ACTIVITY: When you reach the line below that has "[diagram: same view", start returning lines exactly, and stop after the line that has "In plain terms, the"; skip the pictures.

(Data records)
□ □ □ □ □ □ □

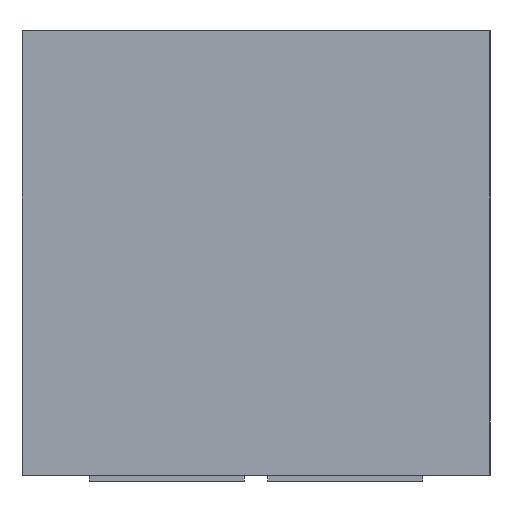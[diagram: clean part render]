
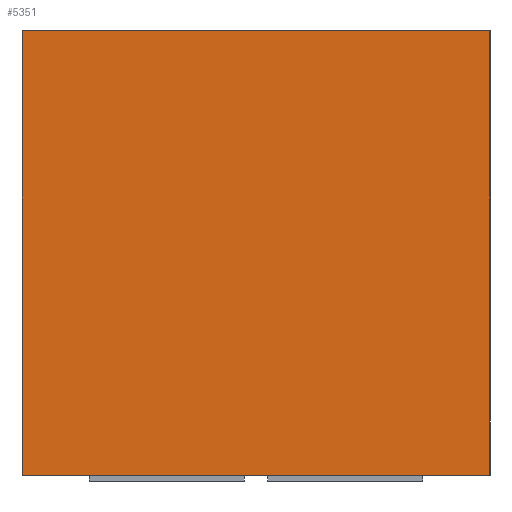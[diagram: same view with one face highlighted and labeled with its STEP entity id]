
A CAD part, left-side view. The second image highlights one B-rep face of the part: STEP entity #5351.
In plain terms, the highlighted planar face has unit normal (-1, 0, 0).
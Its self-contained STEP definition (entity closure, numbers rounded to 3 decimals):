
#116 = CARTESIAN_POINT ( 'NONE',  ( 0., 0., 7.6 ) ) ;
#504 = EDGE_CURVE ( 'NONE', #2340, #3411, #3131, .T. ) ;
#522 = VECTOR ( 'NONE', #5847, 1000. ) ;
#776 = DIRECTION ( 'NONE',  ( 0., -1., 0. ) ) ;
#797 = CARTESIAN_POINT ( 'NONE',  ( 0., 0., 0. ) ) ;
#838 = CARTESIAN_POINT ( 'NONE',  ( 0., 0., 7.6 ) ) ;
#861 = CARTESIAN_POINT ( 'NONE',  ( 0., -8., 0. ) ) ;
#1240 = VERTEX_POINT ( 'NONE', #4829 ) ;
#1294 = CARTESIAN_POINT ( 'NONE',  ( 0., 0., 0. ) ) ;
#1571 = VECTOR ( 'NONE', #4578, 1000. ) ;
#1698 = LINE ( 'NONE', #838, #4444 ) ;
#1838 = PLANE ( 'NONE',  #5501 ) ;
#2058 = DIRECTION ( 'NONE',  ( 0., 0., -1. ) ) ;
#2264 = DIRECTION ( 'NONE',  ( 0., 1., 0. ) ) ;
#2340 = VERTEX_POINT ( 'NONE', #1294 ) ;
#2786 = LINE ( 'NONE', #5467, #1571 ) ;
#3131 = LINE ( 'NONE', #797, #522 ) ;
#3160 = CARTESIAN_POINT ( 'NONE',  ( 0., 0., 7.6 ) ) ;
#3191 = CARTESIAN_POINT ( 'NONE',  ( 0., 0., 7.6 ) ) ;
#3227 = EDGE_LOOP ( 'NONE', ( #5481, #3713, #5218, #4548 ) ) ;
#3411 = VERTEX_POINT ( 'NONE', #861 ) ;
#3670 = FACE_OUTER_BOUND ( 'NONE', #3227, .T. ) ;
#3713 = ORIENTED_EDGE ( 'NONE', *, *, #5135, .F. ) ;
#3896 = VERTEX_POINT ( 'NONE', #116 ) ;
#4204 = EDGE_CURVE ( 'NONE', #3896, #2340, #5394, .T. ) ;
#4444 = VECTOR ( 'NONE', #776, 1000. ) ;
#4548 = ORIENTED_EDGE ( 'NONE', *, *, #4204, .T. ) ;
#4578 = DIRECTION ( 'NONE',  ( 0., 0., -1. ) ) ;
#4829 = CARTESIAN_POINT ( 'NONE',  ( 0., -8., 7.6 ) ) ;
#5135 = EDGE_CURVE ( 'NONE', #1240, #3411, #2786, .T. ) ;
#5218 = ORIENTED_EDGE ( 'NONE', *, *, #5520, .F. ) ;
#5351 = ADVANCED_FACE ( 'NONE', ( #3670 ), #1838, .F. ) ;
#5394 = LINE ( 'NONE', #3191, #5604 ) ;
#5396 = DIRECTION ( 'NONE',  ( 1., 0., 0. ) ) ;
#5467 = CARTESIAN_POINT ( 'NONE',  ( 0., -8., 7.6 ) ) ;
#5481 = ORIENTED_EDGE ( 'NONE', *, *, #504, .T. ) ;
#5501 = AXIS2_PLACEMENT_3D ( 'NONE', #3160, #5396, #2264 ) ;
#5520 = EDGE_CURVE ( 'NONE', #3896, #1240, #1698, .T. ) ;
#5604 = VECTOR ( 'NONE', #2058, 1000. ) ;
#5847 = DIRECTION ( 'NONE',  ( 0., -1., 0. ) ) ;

□ □ □ □ □ □ □

TASK RESULT:
[diagram: same view with one face highlighted and labeled with its STEP entity id]
A CAD part, left-side view. The second image highlights one B-rep face of the part: STEP entity #5351.
In plain terms, the highlighted planar face has unit normal (-1, 0, 0).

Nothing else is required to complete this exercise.